What you commit to implement#
File |
What it holds |
|---|---|
|
Class template, |
|
|
|
Per-step kernel declarations (e.g. CG has |
One backend implementation per kernel |
|
|
Add an enum entry to |
|
Add |
|
Add the |
|
Add |
Kernel files follow the same rules as in Add a new kernel.
The class skeleton#
template <typename ValueType = default_precision>
class MySolver
: public EnableLinOp<MySolver<ValueType>>,
public EnablePreconditionedIterativeSolver<ValueType, MySolver<ValueType>>,
public Transposable {
friend class EnableLinOp<MySolver>;
friend class EnablePolymorphicObject<MySolver, LinOp>;
GKO_ASSERT_SUPPORTED_VALUE_TYPE;
public:
using value_type = ValueType;
using transposed_type = MySolver<ValueType>; // self if symmetric
std::unique_ptr<LinOp> transpose() const override;
std::unique_ptr<LinOp> conj_transpose() const override;
bool apply_uses_initial_guess() const override { return true; }
class Factory;
struct parameters_type
: enable_preconditioned_iterative_solver_factory_parameters<
parameters_type, Factory> {
// Add extra solver-specific parameters here, e.g.:
// int GKO_FACTORY_PARAMETER_SCALAR(krylov_dim, 30);
};
GKO_ENABLE_LIN_OP_FACTORY(MySolver, parameters, Factory);
GKO_ENABLE_BUILD_METHOD(Factory);
static parameters_type parse(
const config::pnode& config,
const config::registry& context,
const config::type_descriptor& td_for_child =
config::make_type_descriptor<ValueType>());
protected:
void apply_impl(const LinOp* b, LinOp* x) const override;
template <typename VectorType>
void apply_dense_impl(const VectorType* b, VectorType* x) const;
void apply_impl(const LinOp* alpha, const LinOp* b,
const LinOp* beta, LinOp* x) const override;
explicit MySolver(std::shared_ptr<const Executor> exec)
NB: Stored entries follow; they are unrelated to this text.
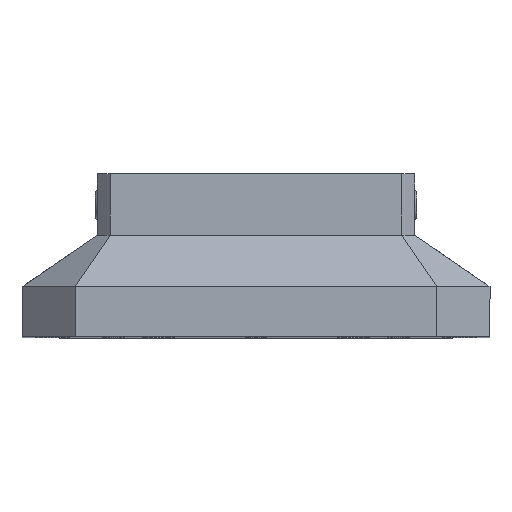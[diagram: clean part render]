
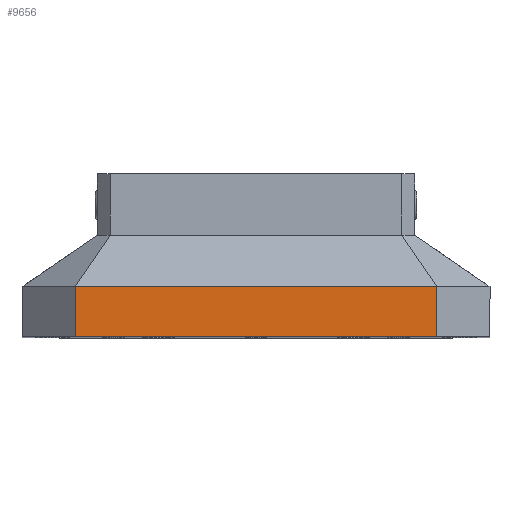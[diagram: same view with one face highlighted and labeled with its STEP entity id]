
A CAD part, top view. The second image highlights one B-rep face of the part: STEP entity #9656.
In plain terms, the highlighted planar face has unit normal (0, 0, 1) as drawn and (-1, 0, 0) by its records, which use the part's own axes.
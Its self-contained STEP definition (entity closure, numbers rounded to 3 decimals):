
#301 = DIRECTION ( 'NONE',  ( 0., 1., 0. ) ) ;
#405 = ORIENTED_EDGE ( 'NONE', *, *, #1131, .T. ) ;
#1131 = EDGE_CURVE ( 'NONE', #8986, #2150, #8290, .T. ) ;
#1228 = EDGE_CURVE ( 'NONE', #10404, #2150, #13823, .T. ) ;
#1678 = FACE_OUTER_BOUND ( 'NONE', #10096, .T. ) ;
#2150 = VERTEX_POINT ( 'NONE', #13621 ) ;
#2915 = LINE ( 'NONE', #15494, #4788 ) ;
#3446 = EDGE_CURVE ( 'NONE', #8986, #3770, #2915, .T. ) ;
#3532 = CARTESIAN_POINT ( 'NONE',  ( -190.5, 0., 88.9 ) ) ;
#3770 = VERTEX_POINT ( 'NONE', #12435 ) ;
#4788 = VECTOR ( 'NONE', #10700, 1000. ) ;
#6019 = ORIENTED_EDGE ( 'NONE', *, *, #3446, .F. ) ;
#7787 = EDGE_CURVE ( 'NONE', #3770, #10404, #15528, .T. ) ;
#7806 = CARTESIAN_POINT ( 'NONE',  ( -190.5, 0., -88.9 ) ) ;
#7992 = AXIS2_PLACEMENT_3D ( 'NONE', #13014, #10529, #11547 ) ;
#8290 = LINE ( 'NONE', #3532, #8641 ) ;
#8411 = CARTESIAN_POINT ( 'NONE',  ( -190.5, 24.6, -88.9 ) ) ;
#8641 = VECTOR ( 'NONE', #10910, 1000. ) ;
#8986 = VERTEX_POINT ( 'NONE', #9752 ) ;
#9656 = ADVANCED_FACE ( 'NONE', ( #1678 ), #12777, .F. ) ;
#9752 = CARTESIAN_POINT ( 'NONE',  ( -190.5, 0., 88.9 ) ) ;
#9939 = ORIENTED_EDGE ( 'NONE', *, *, #7787, .F. ) ;
#10096 = EDGE_LOOP ( 'NONE', ( #405, #12836, #9939, #6019 ) ) ;
#10404 = VERTEX_POINT ( 'NONE', #8411 ) ;
#10529 = DIRECTION ( 'NONE',  ( 1., 0., 0. ) ) ;
#10700 = DIRECTION ( 'NONE',  ( 0., 0., -1. ) ) ;
#10910 = DIRECTION ( 'NONE',  ( 0., 1., 0. ) ) ;
#11547 = DIRECTION ( 'NONE',  ( 0., 0., -1. ) ) ;
#12435 = CARTESIAN_POINT ( 'NONE',  ( -190.5, 0., -88.9 ) ) ;
#12777 = PLANE ( 'NONE',  #7992 ) ;
#12836 = ORIENTED_EDGE ( 'NONE', *, *, #1228, .F. ) ;
#12864 = VECTOR ( 'NONE', #301, 1000. ) ;
#13014 = CARTESIAN_POINT ( 'NONE',  ( -190.5, 0., -88.9 ) ) ;
#13621 = CARTESIAN_POINT ( 'NONE',  ( -190.5, 24.6, 88.9 ) ) ;
#13652 = DIRECTION ( 'NONE',  ( 0., 0., 1. ) ) ;
#13823 = LINE ( 'NONE', #13905, #14169 ) ;
#13905 = CARTESIAN_POINT ( 'NONE',  ( -190.5, 24.6, -115. ) ) ;
#14169 = VECTOR ( 'NONE', #13652, 1000. ) ;
#15494 = CARTESIAN_POINT ( 'NONE',  ( -190.5, 0., -88.9 ) ) ;
#15528 = LINE ( 'NONE', #7806, #12864 ) ;

: EnableLinOp<MySolver>(std::move(exec)) {}
explicit MySolver(const Factory* factory,
std::shared_ptr<const LinOp> system_matrix)
: EnableLinOp<MySolver>(factory->get_executor(),
gko::transpose(system_matrix->get_size())),
EnablePreconditionedIterativeSolver<ValueType, MySolver>{
std::move(system_matrix), factory->get_parameters()},
parameters_{factory->get_parameters()} {}
};
Key pieces:
EnableLinOp<MySolver>injects the publicapplyoverloads — you only implementapply_impl.EnablePreconditionedIterativeSolveris a mixin that gives every preconditioned iterative solverwith_criteria(...),with_preconditioner(...),with_generated_preconditioner(...), plus the corresponding getters. Subclassing it pulls the factory parameter trait in viaenable_preconditioned_iterative_solver_factory_parameters.apply_uses_initial_guess() { return true; }tells the framework thatxon entry toapplyis the initial guess and must not be zeroed.GKO_ENABLE_LIN_OP_FACTORYandGKO_ENABLE_BUILD_METHODtogether define theFactoryclass,parameters_, thebuild()method, and thewith_*setters. They’re macro-heavy boilerplate; theparameters_typestruct above is the one place you decide what new knobs the solver exposes.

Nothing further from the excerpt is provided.